В центре зала пар примерно двадцать танцевало под звуки музыки, издаваемой маленьким оркестриком, расположившимся на помосте. Среди танцующих было несколько негритянок, танцующих с белыми мужчинами, и один негр с лоснящимся лицом, который танцевал с белой женщиной. Девушка-репортер уставилась на негра, будто хотела перехватить его взор.

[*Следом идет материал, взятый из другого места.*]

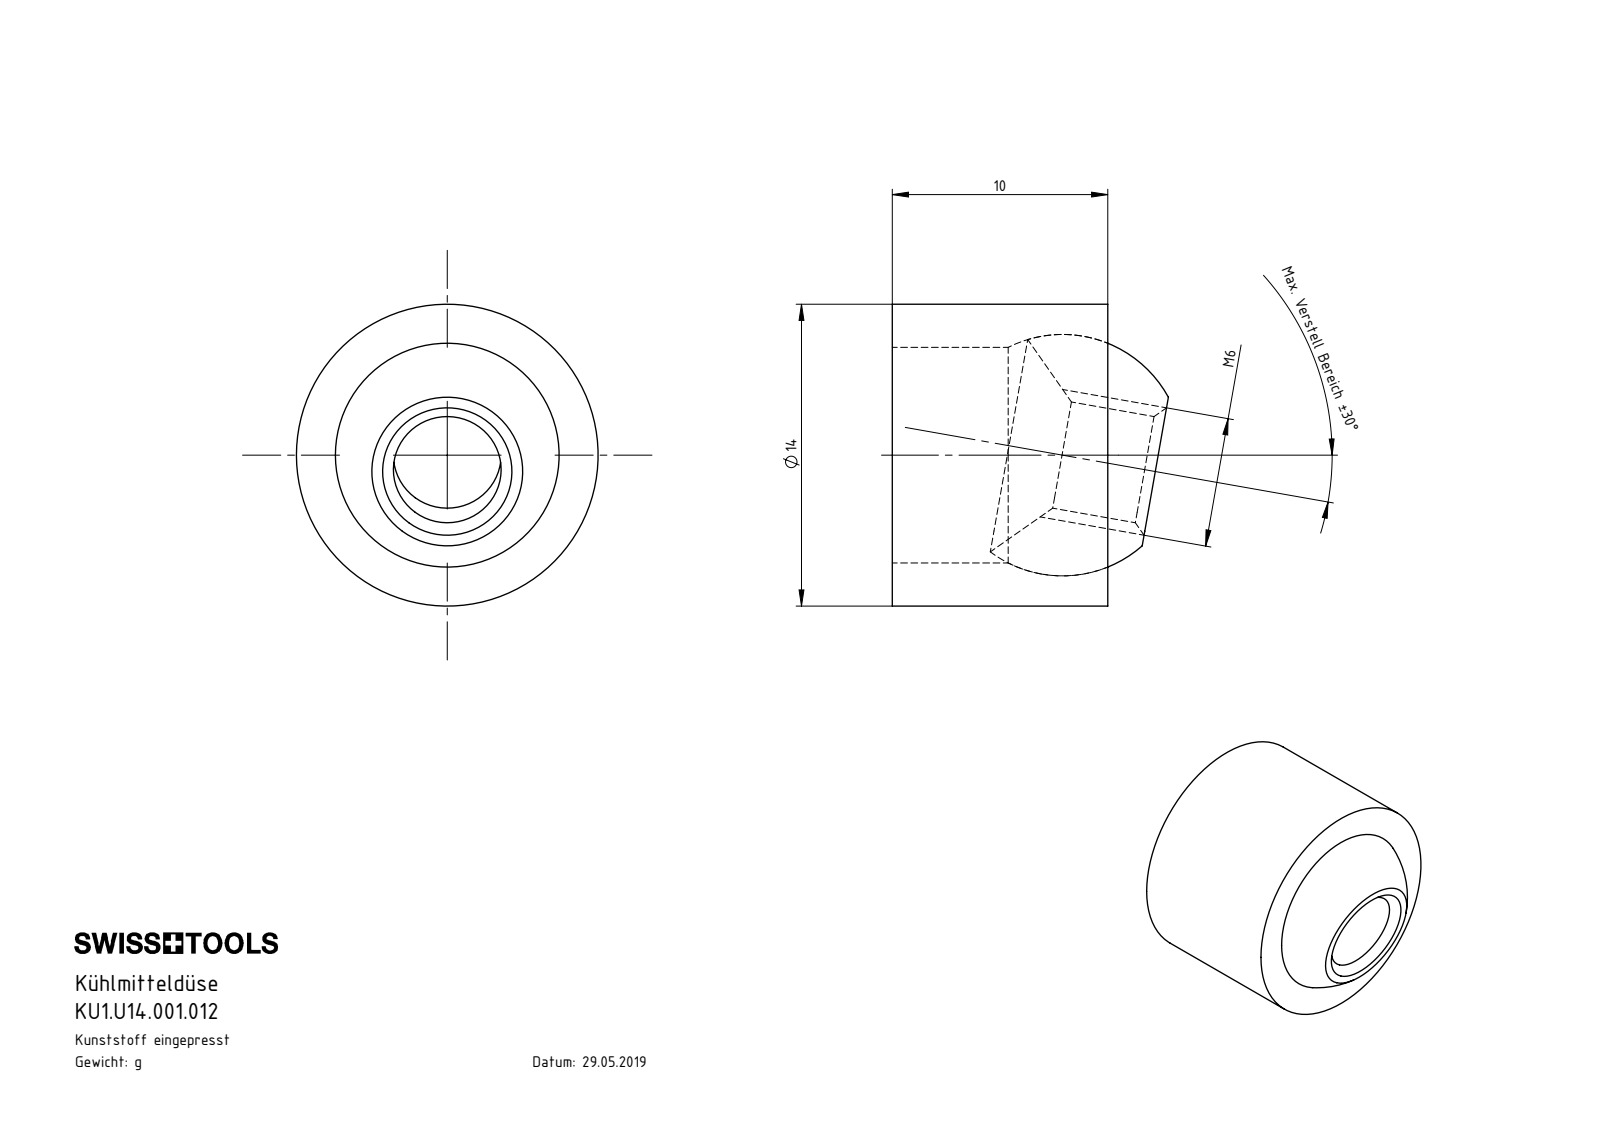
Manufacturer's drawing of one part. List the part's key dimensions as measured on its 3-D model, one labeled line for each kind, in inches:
Part name (STEP PRODUCT): KU1-U14.001.012_2; KU1-U14.001.012_1; KU1.U14.001.012
STEP written by: SolidWorks 2017 (AUTOMOTIVE_DESIGN)
Units: inches
Bodies: 2 solids, 17 faces (3 planar, 6 cylindrical, 8 other)
Overall size (bounding box): 0.551 × 0.551 × 0.504
Volume: 0.065 in³ · Surface area: 2.055 in²
Round holes (diameter × count): ⌀0.197 ×1, ⌀0.394 ×1
Round bosses / shafts (diameter × count): ⌀0.551 ×1
Main face-to-face distances: 0.394
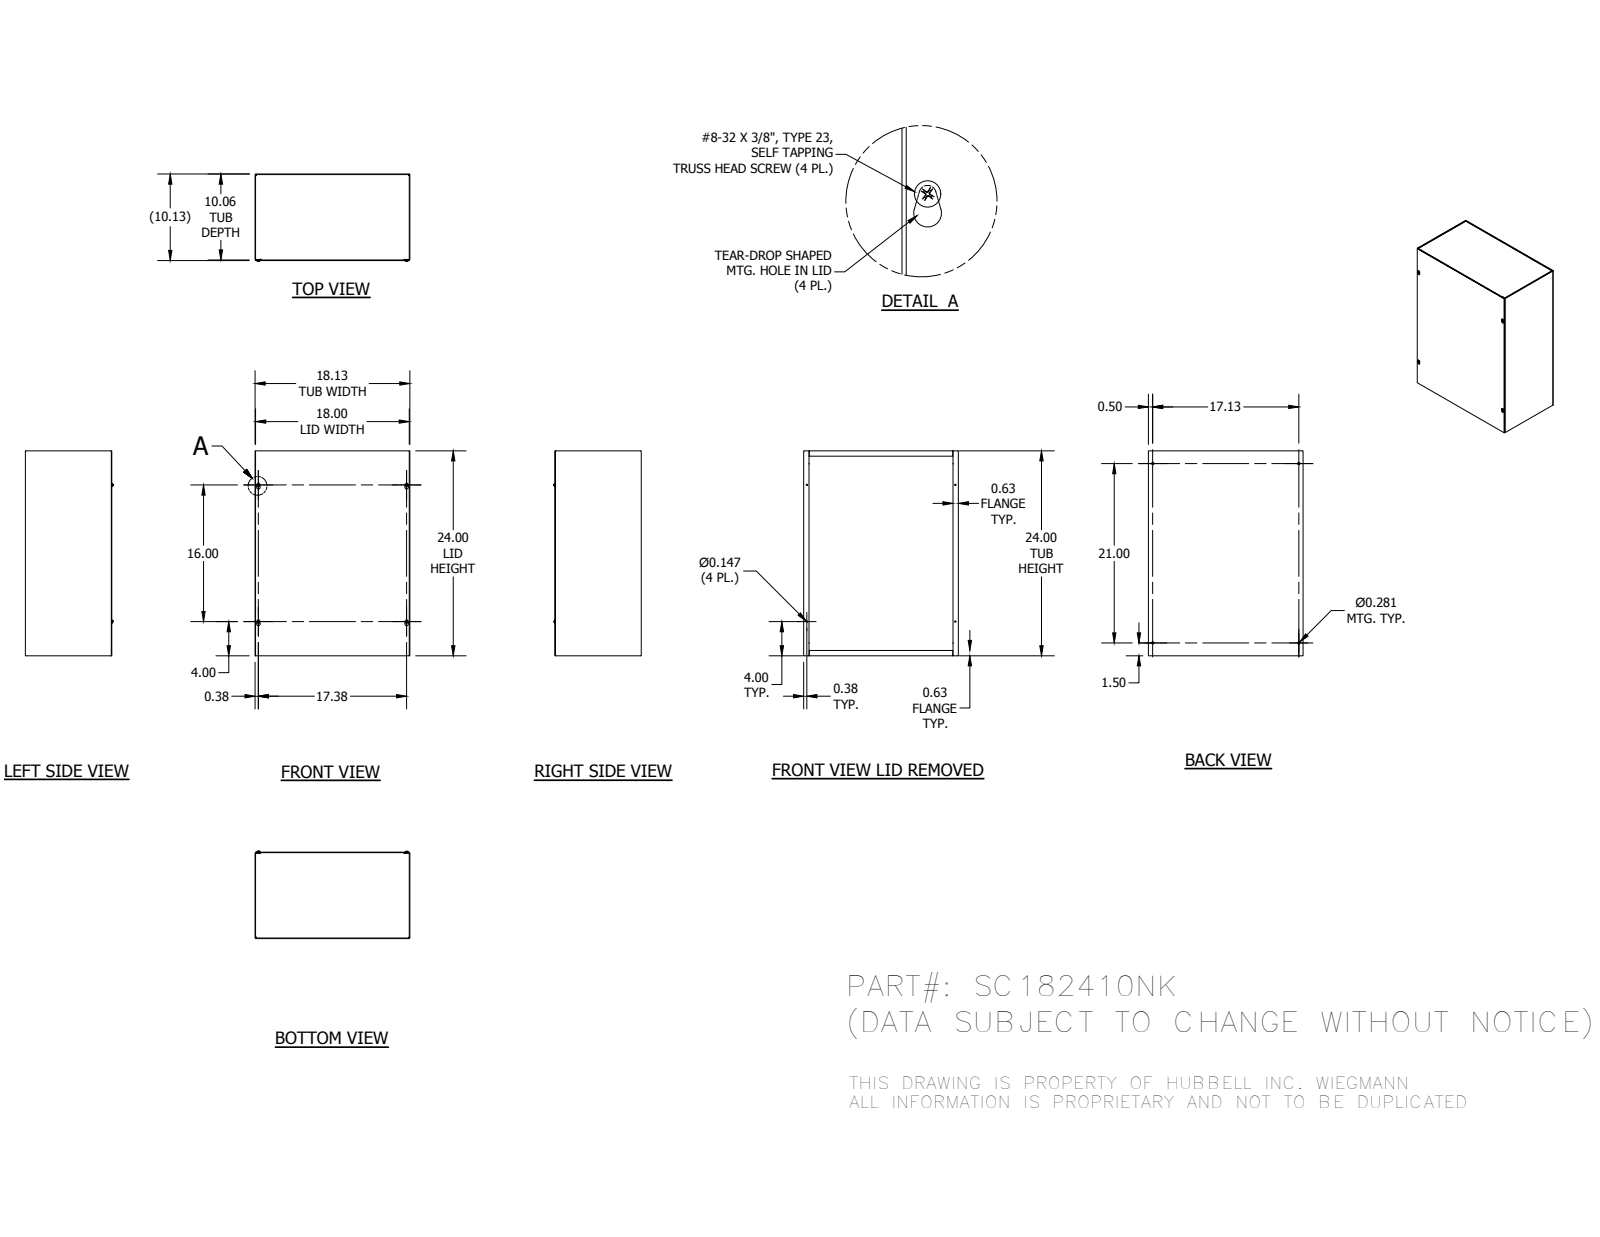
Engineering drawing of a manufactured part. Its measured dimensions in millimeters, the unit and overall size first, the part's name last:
Units: millimetres
Overall size (bounding box): 609.6 × 460.38 × 259.72
Round holes (diameter × count): ⌀3.73 ×4, ⌀7.14 ×4
Round bosses / shafts (diameter × count): ⌀9.75 ×4, ⌀4.17 ×4
Partial cylindrical surfaces — rounded edges, fillets, slot ends (radius × count): R0.79 ×12, R2.38 ×12, R3.17 ×4, R5.16 ×4
Main face-to-face distances: 1.59, 255.59, 254, 458.79, 257.18, 608.01, 457.2, 460.38, 609.6, 606.42
Hole centre spacings: 63.58, 442.73, 469.91, 642.48, 406.4, 434.98, 441.32, 533.4
Volume: 1 833 000 mm³ · Surface area: 2 323 000 mm²
Bodies: 8 solids, 268 faces (152 planar, 48 cylindrical, 68 other)
Part name (STEP PRODUCT): SC182410NKBLR; SC1810NKTB; SC1824LPA; 34056 (+1 more)
STEP written by: Autodesk Inventor 2014 (AUTOMOTIVE_DESIGN)
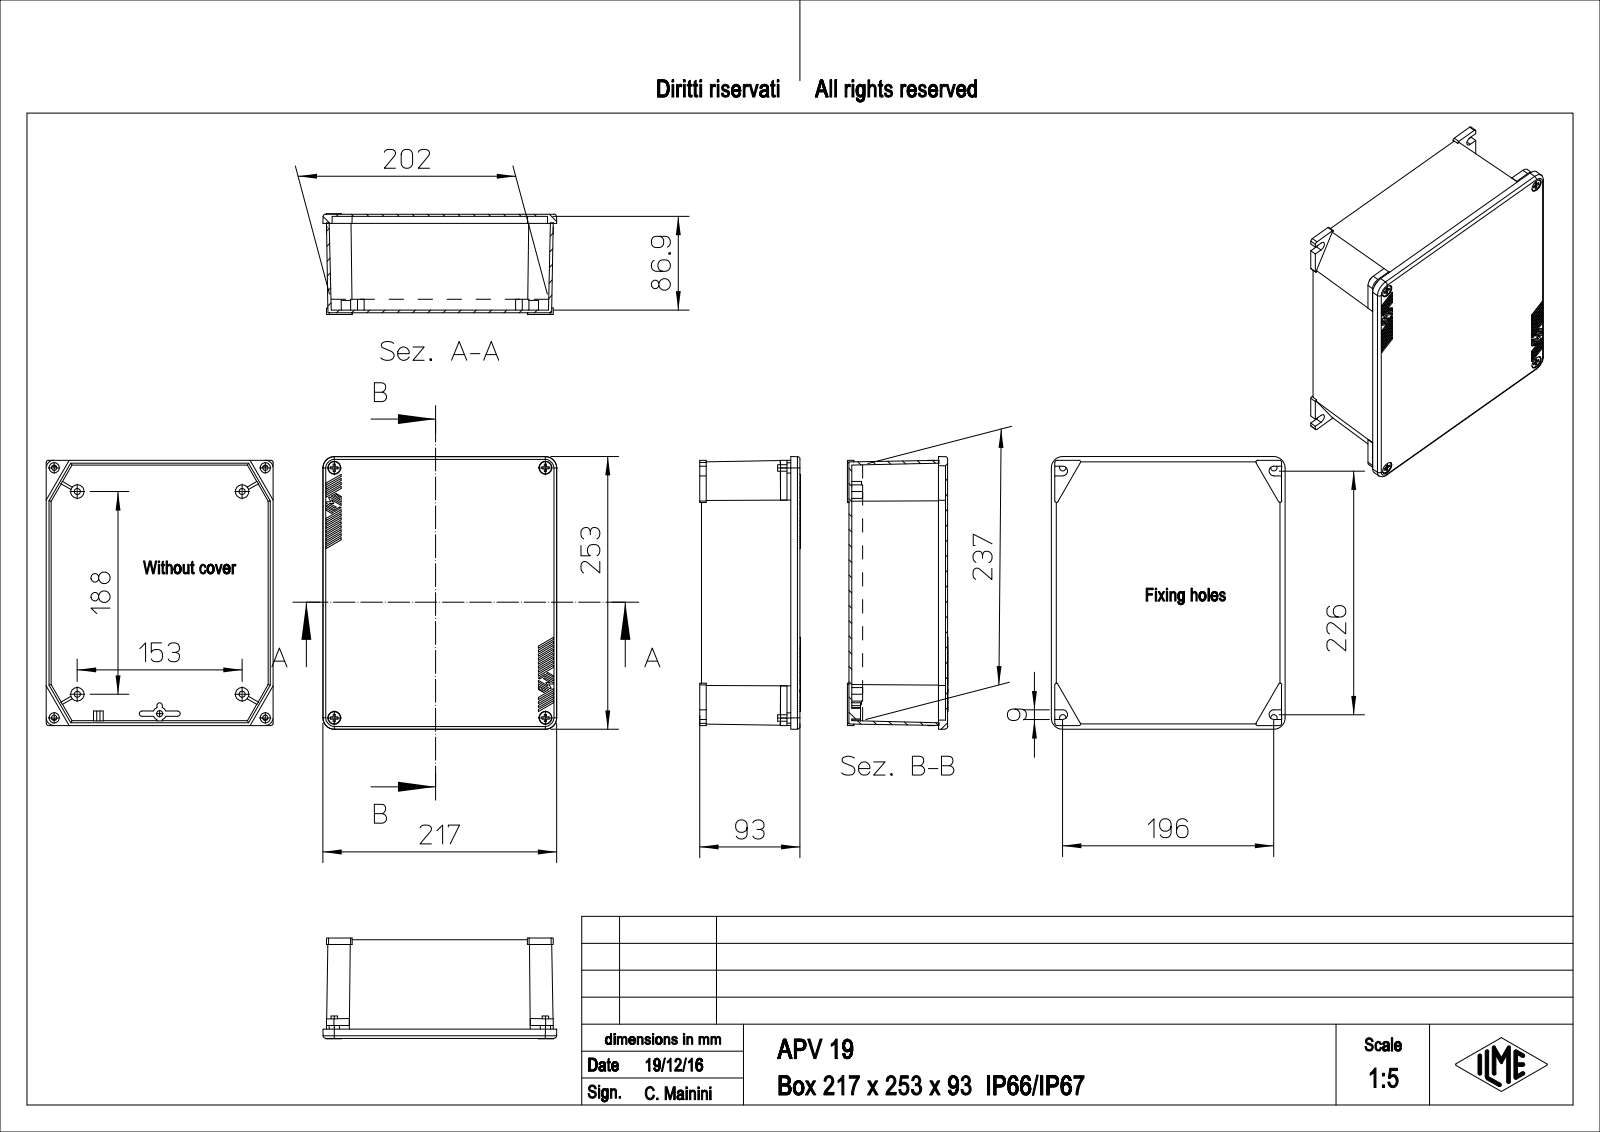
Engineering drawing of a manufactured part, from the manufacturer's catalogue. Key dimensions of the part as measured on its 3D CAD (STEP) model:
Part name (STEP PRODUCT): COPERCHIO; CASSETA; VITE_TE_M6X20.3; APV_19
STEP written by: CoCreate Modeling 16.00A 16-Aug-2008 (C) Parametric Technology GmbH (AUTOMOTIVE_DESIGN)
Units: millimetres
Bodies: 6 solids, 1485 faces (1196 planar, 241 cylindrical, 48 other)
Overall size (bounding box): 253 × 217 × 92.15
Volume: 645 506 mm³ · Surface area: 376 024 mm²
Round holes (diameter × count): ⌀3.4 ×6, ⌀5 ×4, ⌀6.5 ×4, ⌀12 ×4, ⌀5.82 ×2
Round bosses / shafts (diameter × count): ⌀12.5 ×4, ⌀9.5 ×4, ⌀6 ×4, ⌀5.4 ×4, ⌀6.2 ×2, ⌀10 ×1
Partial cylindrical surfaces — rounded edges, fillets, slot ends (radius × count): R3 ×24, R0.33 ×22, R2 ×16, R0.17 ×6, R0.27 ×4, R0.37 ×4, R1.5 ×4, R2.1 ×4
Main face-to-face distances: 90.25, 2, 88.25, 2.6, 85.65, 87.65, 5, 4.75, 205.75, 241
Hole centre spacings: 196, 30.76, 98.08, 175.88, 211.1, 232, 273.04, 303.71
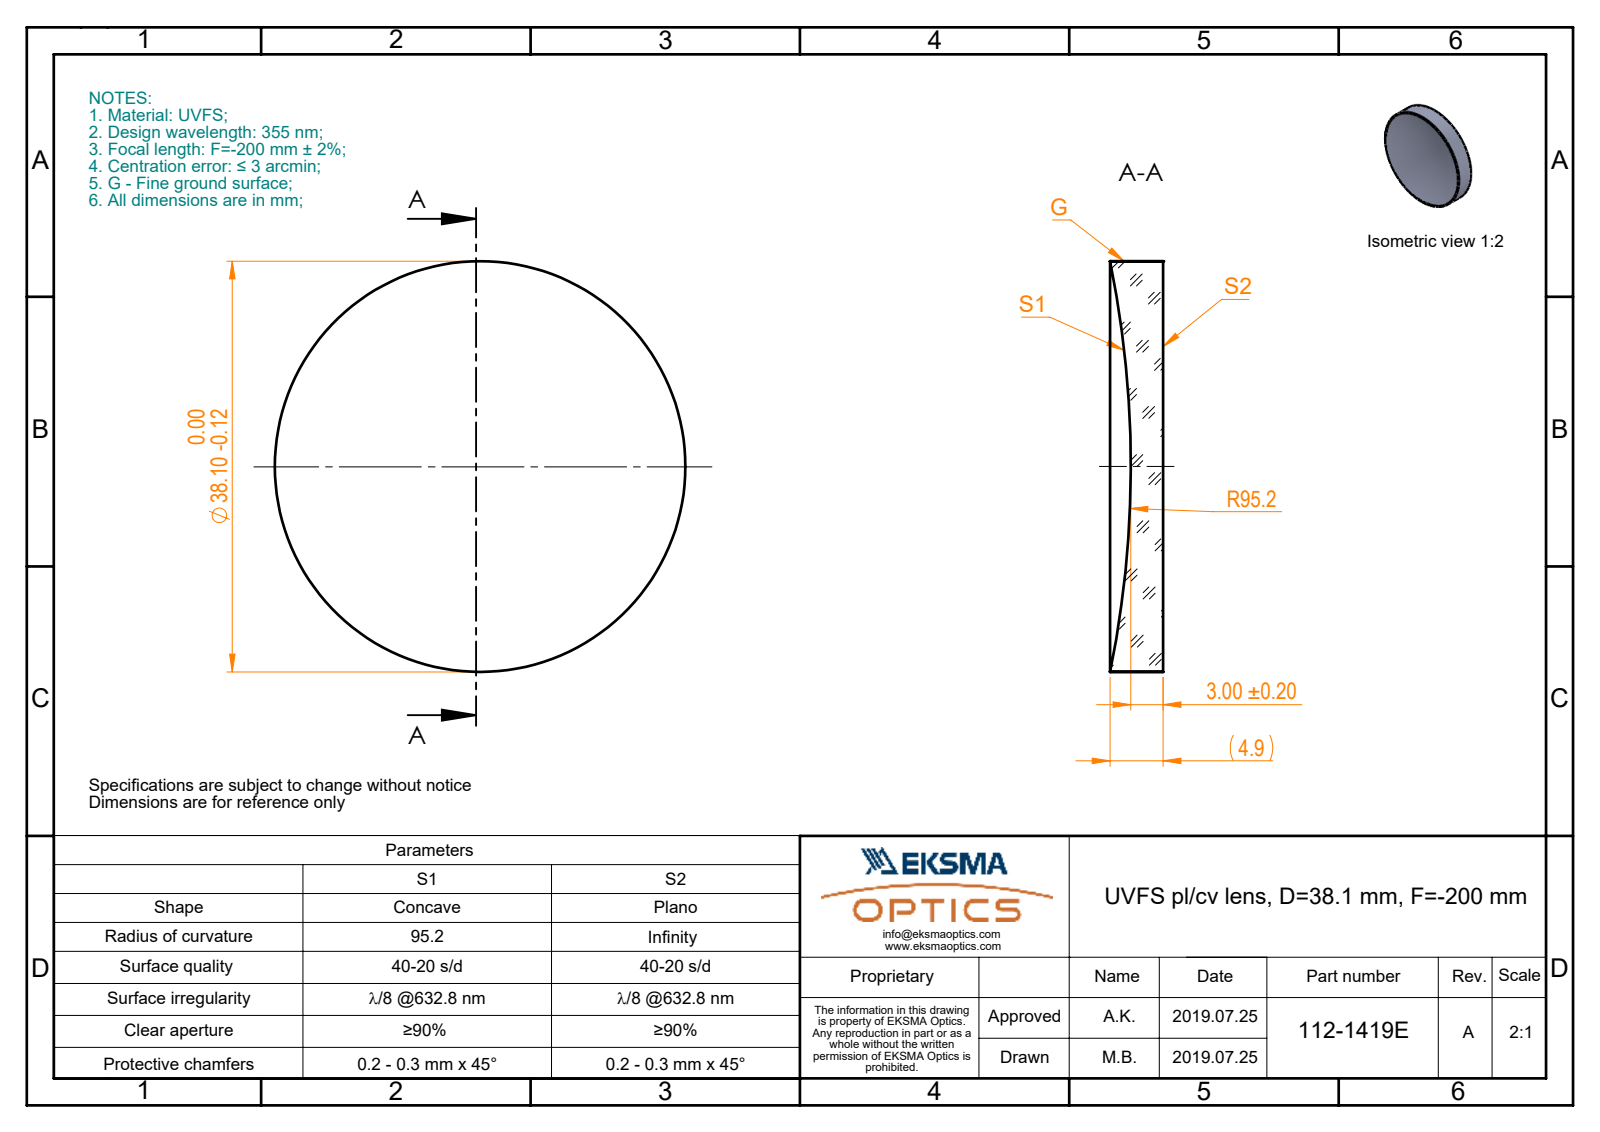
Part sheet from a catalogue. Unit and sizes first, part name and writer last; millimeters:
Units: millimetres
Overall size (bounding box): 38.1 × 38.1 × 4.92
Round bosses / shafts (diameter × count): ⌀38.1 ×1
Volume: 4 514 mm³ · Surface area: 2 881 mm²
Bodies: 1 solid, 5 faces (1 planar, 2 cylindrical, 2 other)
Part name (STEP PRODUCT): 112-1419E UVFS pl-cv 38.1 F-200
STEP written by: SolidWorks 2017 (CONFIG_CONTROL_DESIGN)

— Он баснословный танцор, — заметила она своим спутникам. — Это то самое место, где я была. В ту ночь, когда я была здесь, некая светская дама пришла сюда, танцевала с этим негритянским парнем, и это так захватило ее воображение, что на следующий день, сев в лифт в своем доме на Парк-авеню, она вдруг вообразила себя катающейся в стоге сена с мальчиком-лифтером. Ну разве это не уморительно?
— А вы? — спросил Пауль в своей слегка ироничной манере. — Вы когда-нибудь катались в стогу сена с одним из них?
— Кто задает такие вопросы? — спросила она не без кокетства. — Но знаете, что я вам скажу, я вполне могу себе это вообразить. Когда дело доходит до… до этого, так они дадут белой расе сто очков вперед.
— Я не знаю, как обстояло дело у тех представителей белой расы, с которыми вы лично водили компанию, — Пауль явно хотел ее подзадорить, — но, полагаю, вы просто не успели прожить так долго, чтобы оценить в этом смысле всю расу поголовно.
— Вы хотите мне доказать, что я не права?
— Я не хвастлив, — сказал Пауль с ухмылкой.